---------- Supplied information

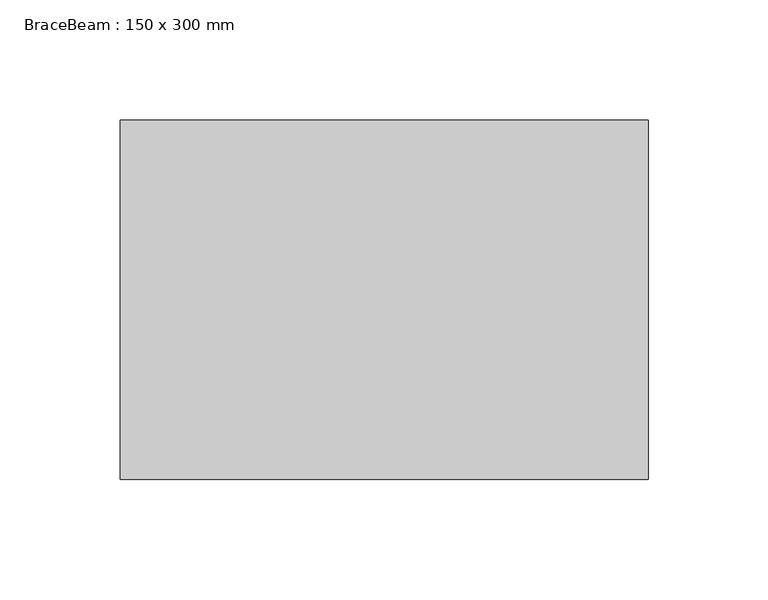
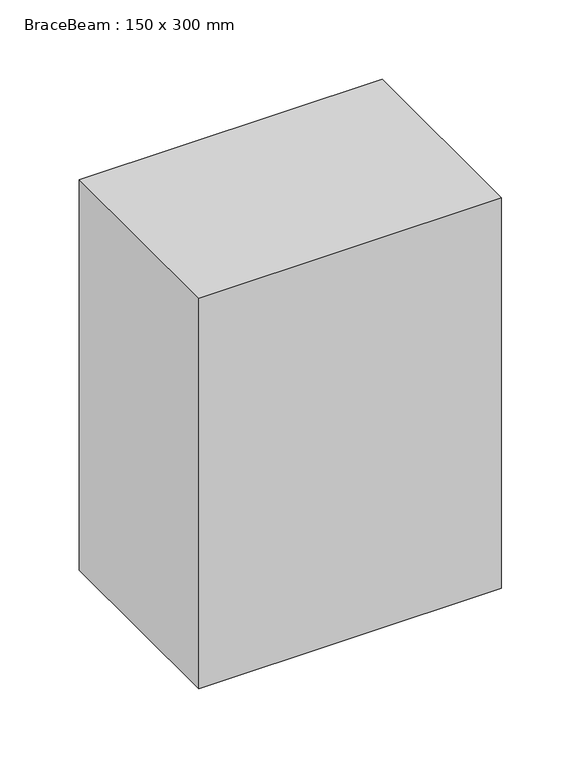
"""IFC4 building model written with IfcOpenShell, lengths in millimetres: beam geometry, BraceBeam : 150 x 300 mm."""

from ifc_helpers import new_model, si_unit, frame, origin, place, context, project, spatial, polyline, outline, extrude, source, transform, mapped, element, save


def bracebeam_150_x_300_mm_8c9a7265(model_context):
    return source(origin(), model_context, "Body", "SweptSolid", [
        extrude(outline(polyline([(-110.0, -75.0), (-110.0, 75.0), (110.0, 75.0), (110.0, -75.0), (-110.0, -75.0)])), frame((0.0, 0.0, -150.0), z_axis=(0.0, 0.0, 1.0), x_axis=(1.0, 0.0, 0.0)), (0.0, 0.0, 1.0), 300.0),
    ])


if __name__ == "__main__":
    model = new_model("IFC4")
    model_context = context("Model", 3, world=origin())
    ifc_project = project(units=[si_unit("LENGTHUNIT", "METRE", prefix="MILLI")], contexts=[model_context])
    site = spatial("IfcSite", under=ifc_project)
    building = spatial("IfcBuilding", under=site)
    placement = place(None, origin())
    bracebeam_150_x_300_mm_shape = bracebeam_150_x_300_mm_8c9a7265(model_context)
    element("IfcBeam", 1, ObjectType="BraceBeam : 150 x 300 mm", at=placement, inside=building, context=model_context, shape_type="MappedRepresentation", body=[
        mapped(bracebeam_150_x_300_mm_shape, transform((0.0, 0.0, 0.0), x_axis=(1.0, 0.0, 0.0), y_axis=(0.0, 1.0, 0.0), z_axis=(0.0, 0.0, 1.0))),
    ])
    save(model, "model.ifc")

# Revit data of these elements
# Type "BraceBeam : 150 x 300 mm"
#   ExpertTruss = "Height\th\r\nWidth\tb"
#   Name [instance default] = ""
#   m [instance default] = 0 mm
#   ip_c_cut_control [instance default] = 1300 mm
#   ip_c_cut [instance default] = 1300 mm
#   h_fix [instance default] = 900 mm
#   d/2 [instance default] = 1750 mm
#   c_cut_incl [instance default] = -1000 mm
#   c_cut [instance default] = 0 mm
#   beta0_2 [instance default] = 90.00°
#   beta0_1 [instance default] = 90.00°
#   alfaMax [instance default] = 0.00°
#   alfa0_2 [instance default] = 90.00°
#   ZOffsetStr_0 [instance default] = 150 mm
#   ZOffsetStr [instance default] = 0 mm
#   ZOffsetEnd_0 [instance default] = 150 mm
#   ZOffsetEnd [instance default] = 0 mm
#   Beta2 [instance default] = 0.00°
#   Beta1 [instance default] = 0.00°
#   Alfa_str [instance default] = 0.00°
#   Alfa_cut_control [instance default] = 90.00°
#   Alfa_cut [instance default] = 90.00°
#   AlfaMAX [instance default] = 0.00°
#   Alfa2_0 [instance default] = 0.00°
#   Alfa2 [instance default] = 0.00°
#   Alfa1_0 [instance default] = 0.00°
#   Alfa1 [instance default] = 0.00°
#   A_max_Str [instance default] = 0.00°
#   h_void [instance default] = 3000 mm
#   beam_L_0 [instance default] = 100 mm
#   beam_L [instance default] = 0 mm
#   b_void [instance default] = 160 mm
#   alfa0_1 [instance default] = 90.00°
#   b = 150 mm
#   YOffsetStr [instance default] = 0 mm
#   YOffsetEnd [instance default] = 0 mm
#   XOffsetStr_0 [instance default] = 3500 mm
#   XOffsetStr [instance default] = 0 mm
#   XOffsetEnd_0 [instance default] = 3500 mm
#   XOffsetEnd [instance default] = 0 mm
#   L_void_0 [instance default] = 100 mm
#   L_void [instance default] = 0 mm
#   E2 [instance default] = 0.00°
#   E1 [instance default] = 0.00°
#   Length [instance default] = 3500 mm
#   h = 300 mm
#   Alfa [instance default] = 0.00°
#   A_max_End [instance default] = 0.00°
#   A_max [instance default] = 0.00°
#   A4 [instance default] = 0.00°
#   A3 [instance default] = 0.00°
#   A2 [instance default] = 0.00°
#   A1 [instance default] = 0.00°
#   BetaAngles [instance default] = no
#   Material [instance default] = Wood Standard
# Element 1 (IfcBeam, "BraceBeam : 150 x 300 mm")
#   d/2 = 185 mm
#   XOffsetStr_0 = 295 mm
#   XOffsetStr = 75 mm
#   XOffsetEnd_0 = 295 mm
#   XOffsetEnd = 75 mm
#   Materials on its faces: "Wood Standard"
# Materials
#   "Wood Standard": class "Drewno", colour RGB 196 146 67, transparency 0, Cost = 0

--------------------

# What the exercise asks:
Would you please repeat exactly the lines above, starting at the line with "Beta1 [instance default] = 0.00°" and stopping at the line with "# Materials", both included?

# Response to this exercise:
#   Beta1 [instance default] = 0.00°
#   Alfa_str [instance default] = 0.00°
#   Alfa_cut_control [instance default] = 90.00°
#   Alfa_cut [instance default] = 90.00°
#   AlfaMAX [instance default] = 0.00°
#   Alfa2_0 [instance default] = 0.00°
#   Alfa2 [instance default] = 0.00°
#   Alfa1_0 [instance default] = 0.00°
#   Alfa1 [instance default] = 0.00°
#   A_max_Str [instance default] = 0.00°
#   h_void [instance default] = 3000 mm
#   beam_L_0 [instance default] = 100 mm
#   beam_L [instance default] = 0 mm
#   b_void [instance default] = 160 mm
#   alfa0_1 [instance default] = 90.00°
#   b = 150 mm
#   YOffsetStr [instance default] = 0 mm
#   YOffsetEnd [instance default] = 0 mm
#   XOffsetStr_0 [instance default] = 3500 mm
#   XOffsetStr [instance default] = 0 mm
#   XOffsetEnd_0 [instance default] = 3500 mm
#   XOffsetEnd [instance default] = 0 mm
#   L_void_0 [instance default] = 100 mm
#   L_void [instance default] = 0 mm
#   E2 [instance default] = 0.00°
#   E1 [instance default] = 0.00°
#   Length [instance default] = 3500 mm
#   h = 300 mm
#   Alfa [instance default] = 0.00°
#   A_max_End [instance default] = 0.00°
#   A_max [instance default] = 0.00°
#   A4 [instance default] = 0.00°
#   A3 [instance default] = 0.00°
#   A2 [instance default] = 0.00°
#   A1 [instance default] = 0.00°
#   BetaAngles [instance default] = no
#   Material [instance default] = Wood Standard
# Element 1 (IfcBeam, "BraceBeam : 150 x 300 mm")
#   d/2 = 185 mm
#   XOffsetStr_0 = 295 mm
#   XOffsetStr = 75 mm
#   XOffsetEnd_0 = 295 mm
#   XOffsetEnd = 75 mm
#   Materials on its faces: "Wood Standard"
# Materials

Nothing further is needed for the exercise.